■ WHAT YOU ARE ASKED TO DO
Please write out the lines of the data exactly, beginning with the first and ending with the line containing "A CAD part, front"; leave the pictures behind.

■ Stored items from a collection
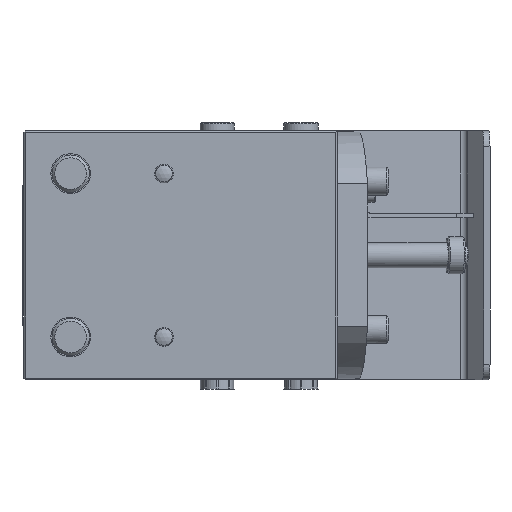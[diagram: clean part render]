
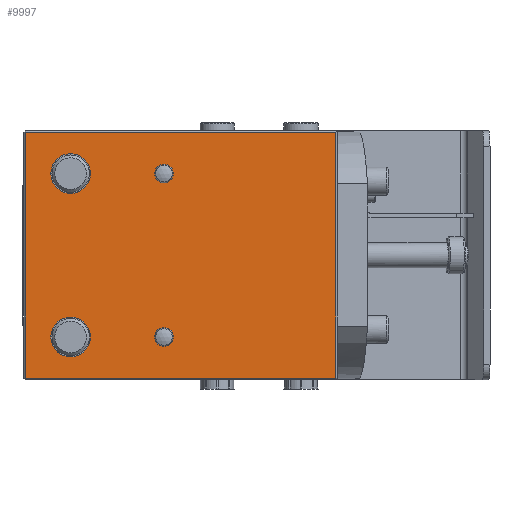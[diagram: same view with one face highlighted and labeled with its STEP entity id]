
A CAD part, front view. The second image highlights one B-rep face of the part: STEP entity #9997.
In plain terms, the highlighted planar face has unit normal (0, -1, 0) by its records, which use the part's own axes.
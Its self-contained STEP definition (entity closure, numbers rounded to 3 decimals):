
#563=LINE($,#16652,#1092);
#565=LINE($,#16655,#1094);
#567=LINE($,#16659,#1096);
#568=LINE($,#16661,#1097);
#1092=VECTOR($,#13219,158.);
#1094=VECTOR($,#13223,199.5);
#1096=VECTOR($,#13229,199.5);
#1097=VECTOR($,#13232,158.);
#1540=PLANE($,#11000);
#1913=FACE_BOUND($,#3553,.T.);
#1914=FACE_BOUND($,#3554,.T.);
#1915=FACE_BOUND($,#3555,.T.);
#1916=FACE_BOUND($,#3556,.T.);
#1917=FACE_BOUND($,#3557,.T.);
#3553=EDGE_LOOP($,(#8010));
#3554=EDGE_LOOP($,(#8011));
#3555=EDGE_LOOP($,(#8012));
#3556=EDGE_LOOP($,(#8013));
#3557=EDGE_LOOP($,(#8014,#8015,#8016,#8017));
#3990=CIRCLE($,#10362,6.);
#3999=CIRCLE($,#10380,6.);
#4243=CIRCLE($,#10944,12.75);
#4245=CIRCLE($,#10950,12.75);
#4451=VERTEX_POINT($,#14387);
#4460=VERTEX_POINT($,#14414);
#4968=VERTEX_POINT($,#16380);
#4975=VERTEX_POINT($,#16461);
#4987=VERTEX_POINT($,#16587);
#4995=VERTEX_POINT($,#16631);
#4996=VERTEX_POINT($,#16638);
#4998=VERTEX_POINT($,#16644);
#5327=EDGE_CURVE($,#4451,#4451,#3990,.T.);
#5336=EDGE_CURVE($,#4460,#4460,#3999,.T.);
#6013=EDGE_CURVE($,#4968,#4968,#4243,.T.);
#6020=EDGE_CURVE($,#4975,#4975,#4245,.T.);
#6074=EDGE_CURVE($,#4996,#4998,#563,.T.);
#6076=EDGE_CURVE($,#4998,#4995,#565,.T.);
#6078=EDGE_CURVE($,#4987,#4996,#567,.T.);
#6079=EDGE_CURVE($,#4995,#4987,#568,.T.);
#8010=ORIENTED_EDGE($,*,*,#5327,.T.);
#8011=ORIENTED_EDGE($,*,*,#5336,.T.);
#8012=ORIENTED_EDGE($,*,*,#6013,.T.);
#8013=ORIENTED_EDGE($,*,*,#6020,.T.);
#8014=ORIENTED_EDGE($,*,*,#6074,.F.);
#8015=ORIENTED_EDGE($,*,*,#6078,.F.);
#8016=ORIENTED_EDGE($,*,*,#6079,.F.);
#8017=ORIENTED_EDGE($,*,*,#6076,.F.);
#9997=ADVANCED_FACE($,(#1913,#1914,#1915,#1916,#1917),#1540,.T.);
#10362=AXIS2_PLACEMENT_3D($,#14388,#11610,#11611);
#10380=AXIS2_PLACEMENT_3D($,#14415,#11646,#11647);
#10944=AXIS2_PLACEMENT_3D($,#16381,#13104,#13105);
#10950=AXIS2_PLACEMENT_3D($,#16462,#13116,#13117);
#11000=AXIS2_PLACEMENT_3D($,#16682,#13261,#13262);
#11610=DIRECTION('center_axis',(0.,1.,0.));
#11611=DIRECTION('ref_axis',(-1.,0.,0.));
#11646=DIRECTION('center_axis',(0.,1.,0.));
#11647=DIRECTION('ref_axis',(-1.,0.,0.));
#13104=DIRECTION('center_axis',(0.,1.,0.));
#13105=DIRECTION('ref_axis',(-1.,0.,0.));
#13116=DIRECTION('center_axis',(0.,1.,0.));
#13117=DIRECTION('ref_axis',(-1.,0.,0.));
#13219=DIRECTION($,(0.,0.,1.));
#13223=DIRECTION($,(1.,0.,0.));
#13229=DIRECTION($,(-1.,0.,0.));
#13232=DIRECTION($,(0.,0.,-1.));
#13261=DIRECTION('center_axis',(0.,-1.,0.));
#13262=DIRECTION('ref_axis',(0.,0.,-1.));
#14387=CARTESIAN_POINT('',(96.,-56.95,-52.5));
#14388=CARTESIAN_POINT('Origin',(90.,-56.95,-52.5));
#14414=CARTESIAN_POINT('',(96.,-56.95,52.5));
#14415=CARTESIAN_POINT('Origin',(90.,-56.95,52.5));
#16380=CARTESIAN_POINT('',(42.75,-56.95,52.5));
#16381=CARTESIAN_POINT('Origin',(30.,-56.95,52.5));
#16461=CARTESIAN_POINT('',(42.75,-56.95,-52.5));
#16462=CARTESIAN_POINT('Origin',(30.,-56.95,-52.5));
#16587=CARTESIAN_POINT('',(200.5,-56.95,-79.));
#16631=CARTESIAN_POINT('',(200.5,-56.95,79.));
#16638=CARTESIAN_POINT('',(1.,-56.95,-79.));
#16644=CARTESIAN_POINT('',(1.,-56.95,79.));
#16652=CARTESIAN_POINT($,(1.,-56.95,0.));
#16655=CARTESIAN_POINT($,(150.743,-56.95,79.));
#16659=CARTESIAN_POINT($,(150.743,-56.95,-79.));
#16661=CARTESIAN_POINT($,(200.5,-56.95,0.));
#16682=CARTESIAN_POINT('Origin',(201.5,-56.95,0.));
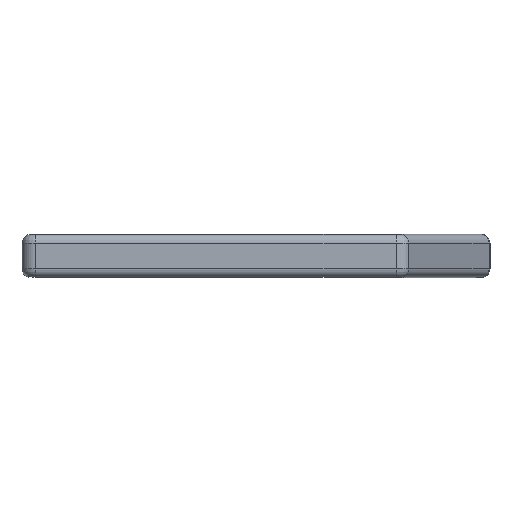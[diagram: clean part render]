
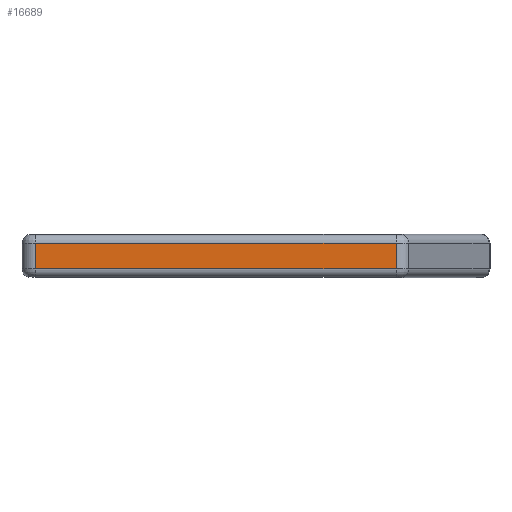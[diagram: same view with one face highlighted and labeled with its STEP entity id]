
A CAD part, left-side view. The second image highlights one B-rep face of the part: STEP entity #16689.
In plain terms, the highlighted planar face has unit normal (-1, 0, 0).
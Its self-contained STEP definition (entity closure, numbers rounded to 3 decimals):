
#680 = CYLINDRICAL_SURFACE('',#681,3.);
#681 = AXIS2_PLACEMENT_3D('',#682,#683,#684);
#682 = CARTESIAN_POINT('',(1.,19.054,0.));
#683 = DIRECTION('',(0.,0.,1.));
#684 = DIRECTION('',(-1.,0.,0.));
#1811 = CYLINDRICAL_SURFACE('',#1812,2.);
#1812 = AXIS2_PLACEMENT_3D('',#1813,#1814,#1815);
#1813 = CARTESIAN_POINT('',(0.,100.,7.7));
#1814 = DIRECTION('',(0.,-1.,0.));
#1815 = DIRECTION('',(-1.,-0.,0.));
#5093 = EDGE_CURVE('',#5094,#5096,#5098,.T.);
#5094 = VERTEX_POINT('',#5095);
#5095 = CARTESIAN_POINT('',(-2.,19.054,2.));
#5096 = VERTEX_POINT('',#5097);
#5097 = CARTESIAN_POINT('',(-2.,19.054,7.7));
#5098 = SURFACE_CURVE('',#5099,(#5103,#5110),.PCURVE_S1.);
#5099 = LINE('',#5100,#5101);
#5100 = CARTESIAN_POINT('',(-2.,19.054,0.));
#5101 = VECTOR('',#5102,1.);
#5102 = DIRECTION('',(0.,0.,1.));
#5103 = PCURVE('',#680,#5104);
#5104 = DEFINITIONAL_REPRESENTATION('',(#5105),#5109);
#5105 = LINE('',#5106,#5107);
#5106 = CARTESIAN_POINT('',(0.,0.));
#5107 = VECTOR('',#5108,1.);
#5108 = DIRECTION('',(0.,1.));
#5109 = ( GEOMETRIC_REPRESENTATION_CONTEXT(2) 
PARAMETRIC_REPRESENTATION_CONTEXT() REPRESENTATION_CONTEXT('2D SPACE',''
  ) );
#5110 = PCURVE('',#5111,#5116);
#5111 = PLANE('',#5112);
#5112 = AXIS2_PLACEMENT_3D('',#5113,#5114,#5115);
#5113 = CARTESIAN_POINT('',(-2.,103.,0.));
#5114 = DIRECTION('',(1.,0.,-0.));
#5115 = DIRECTION('',(0.,-1.,0.));
#5116 = DEFINITIONAL_REPRESENTATION('',(#5117),#5121);
#5117 = LINE('',#5118,#5119);
#5118 = CARTESIAN_POINT('',(83.946,0.));
#5119 = VECTOR('',#5120,1.);
#5120 = DIRECTION('',(0.,-1.));
#5121 = ( GEOMETRIC_REPRESENTATION_CONTEXT(2) 
PARAMETRIC_REPRESENTATION_CONTEXT() REPRESENTATION_CONTEXT('2D SPACE',''
  ) );
#5187 = CYLINDRICAL_SURFACE('',#5188,2.);
#5188 = AXIS2_PLACEMENT_3D('',#5189,#5190,#5191);
#5189 = CARTESIAN_POINT('',(0.,100.,2.));
#5190 = DIRECTION('',(0.,-1.,0.));
#5191 = DIRECTION('',(-0.,-0.,-1.));
#10061 = VERTEX_POINT('',#10062);
#10062 = CARTESIAN_POINT('',(-2.,100.,7.7));
#10084 = EDGE_CURVE('',#10061,#5096,#10085,.T.);
#10085 = SURFACE_CURVE('',#10086,(#10090,#10097),.PCURVE_S1.);
#10086 = LINE('',#10087,#10088);
#10087 = CARTESIAN_POINT('',(-2.,100.,7.7));
#10088 = VECTOR('',#10089,1.);
#10089 = DIRECTION('',(0.,-1.,0.));
#10090 = PCURVE('',#1811,#10091);
#10091 = DEFINITIONAL_REPRESENTATION('',(#10092),#10096);
#10092 = LINE('',#10093,#10094);
#10093 = CARTESIAN_POINT('',(-0.,0.));
#10094 = VECTOR('',#10095,1.);
#10095 = DIRECTION('',(-0.,1.));
#10096 = ( GEOMETRIC_REPRESENTATION_CONTEXT(2) 
PARAMETRIC_REPRESENTATION_CONTEXT() REPRESENTATION_CONTEXT('2D SPACE',''
  ) );
#10097 = PCURVE('',#5111,#10098);
#10098 = DEFINITIONAL_REPRESENTATION('',(#10099),#10103);
#10099 = LINE('',#10100,#10101);
#10100 = CARTESIAN_POINT('',(3.,-7.7));
#10101 = VECTOR('',#10102,1.);
#10102 = DIRECTION('',(1.,0.));
#10103 = ( GEOMETRIC_REPRESENTATION_CONTEXT(2) 
PARAMETRIC_REPRESENTATION_CONTEXT() REPRESENTATION_CONTEXT('2D SPACE',''
  ) );
#10145 = CYLINDRICAL_SURFACE('',#10146,3.);
#10146 = AXIS2_PLACEMENT_3D('',#10147,#10148,#10149);
#10147 = CARTESIAN_POINT('',(1.,100.,0.));
#10148 = DIRECTION('',(0.,0.,1.));
#10149 = DIRECTION('',(-0.,1.,0.));
#16689 = ADVANCED_FACE('',(#16690),#5111,.F.);
#16690 = FACE_BOUND('',#16691,.F.);
#16691 = EDGE_LOOP('',(#16692,#16715,#16716,#16717));
#16692 = ORIENTED_EDGE('',*,*,#16693,.T.);
#16693 = EDGE_CURVE('',#16694,#10061,#16696,.T.);
#16694 = VERTEX_POINT('',#16695);
#16695 = CARTESIAN_POINT('',(-2.,100.,2.));
#16696 = SURFACE_CURVE('',#16697,(#16701,#16708),.PCURVE_S1.);
#16697 = LINE('',#16698,#16699);
#16698 = CARTESIAN_POINT('',(-2.,100.,0.));
#16699 = VECTOR('',#16700,1.);
#16700 = DIRECTION('',(0.,0.,1.));
#16701 = PCURVE('',#5111,#16702);
#16702 = DEFINITIONAL_REPRESENTATION('',(#16703),#16707);
#16703 = LINE('',#16704,#16705);
#16704 = CARTESIAN_POINT('',(3.,0.));
#16705 = VECTOR('',#16706,1.);
#16706 = DIRECTION('',(0.,-1.));
#16707 = ( GEOMETRIC_REPRESENTATION_CONTEXT(2) 
PARAMETRIC_REPRESENTATION_CONTEXT() REPRESENTATION_CONTEXT('2D SPACE',''
  ) );
#16708 = PCURVE('',#10145,#16709);
#16709 = DEFINITIONAL_REPRESENTATION('',(#16710),#16714);
#16710 = LINE('',#16711,#16712);
#16711 = CARTESIAN_POINT('',(1.571,0.));
#16712 = VECTOR('',#16713,1.);
#16713 = DIRECTION('',(0.,1.));
#16714 = ( GEOMETRIC_REPRESENTATION_CONTEXT(2) 
PARAMETRIC_REPRESENTATION_CONTEXT() REPRESENTATION_CONTEXT('2D SPACE',''
  ) );
#16715 = ORIENTED_EDGE('',*,*,#10084,.T.);
#16716 = ORIENTED_EDGE('',*,*,#5093,.F.);
#16717 = ORIENTED_EDGE('',*,*,#16718,.F.);
#16718 = EDGE_CURVE('',#16694,#5094,#16719,.T.);
#16719 = SURFACE_CURVE('',#16720,(#16724,#16731),.PCURVE_S1.);
#16720 = LINE('',#16721,#16722);
#16721 = CARTESIAN_POINT('',(-2.,100.,2.));
#16722 = VECTOR('',#16723,1.);
#16723 = DIRECTION('',(0.,-1.,0.));
#16724 = PCURVE('',#5111,#16725);
#16725 = DEFINITIONAL_REPRESENTATION('',(#16726),#16730);
#16726 = LINE('',#16727,#16728);
#16727 = CARTESIAN_POINT('',(3.,-2.));
#16728 = VECTOR('',#16729,1.);
#16729 = DIRECTION('',(1.,0.));
#16730 = ( GEOMETRIC_REPRESENTATION_CONTEXT(2) 
PARAMETRIC_REPRESENTATION_CONTEXT() REPRESENTATION_CONTEXT('2D SPACE',''
  ) );
#16731 = PCURVE('',#5187,#16732);
#16732 = DEFINITIONAL_REPRESENTATION('',(#16733),#16737);
#16733 = LINE('',#16734,#16735);
#16734 = CARTESIAN_POINT('',(-1.571,0.));
#16735 = VECTOR('',#16736,1.);
#16736 = DIRECTION('',(-0.,1.));
#16737 = ( GEOMETRIC_REPRESENTATION_CONTEXT(2) 
PARAMETRIC_REPRESENTATION_CONTEXT() REPRESENTATION_CONTEXT('2D SPACE',''
  ) );

■ ANSWER BOX
[diagram: clean part render]
[diagram: same view with one face highlighted and labeled with its STEP entity id]
A CAD part, front view. The second image highlights one B-rep face of the part: STEP entity #9997.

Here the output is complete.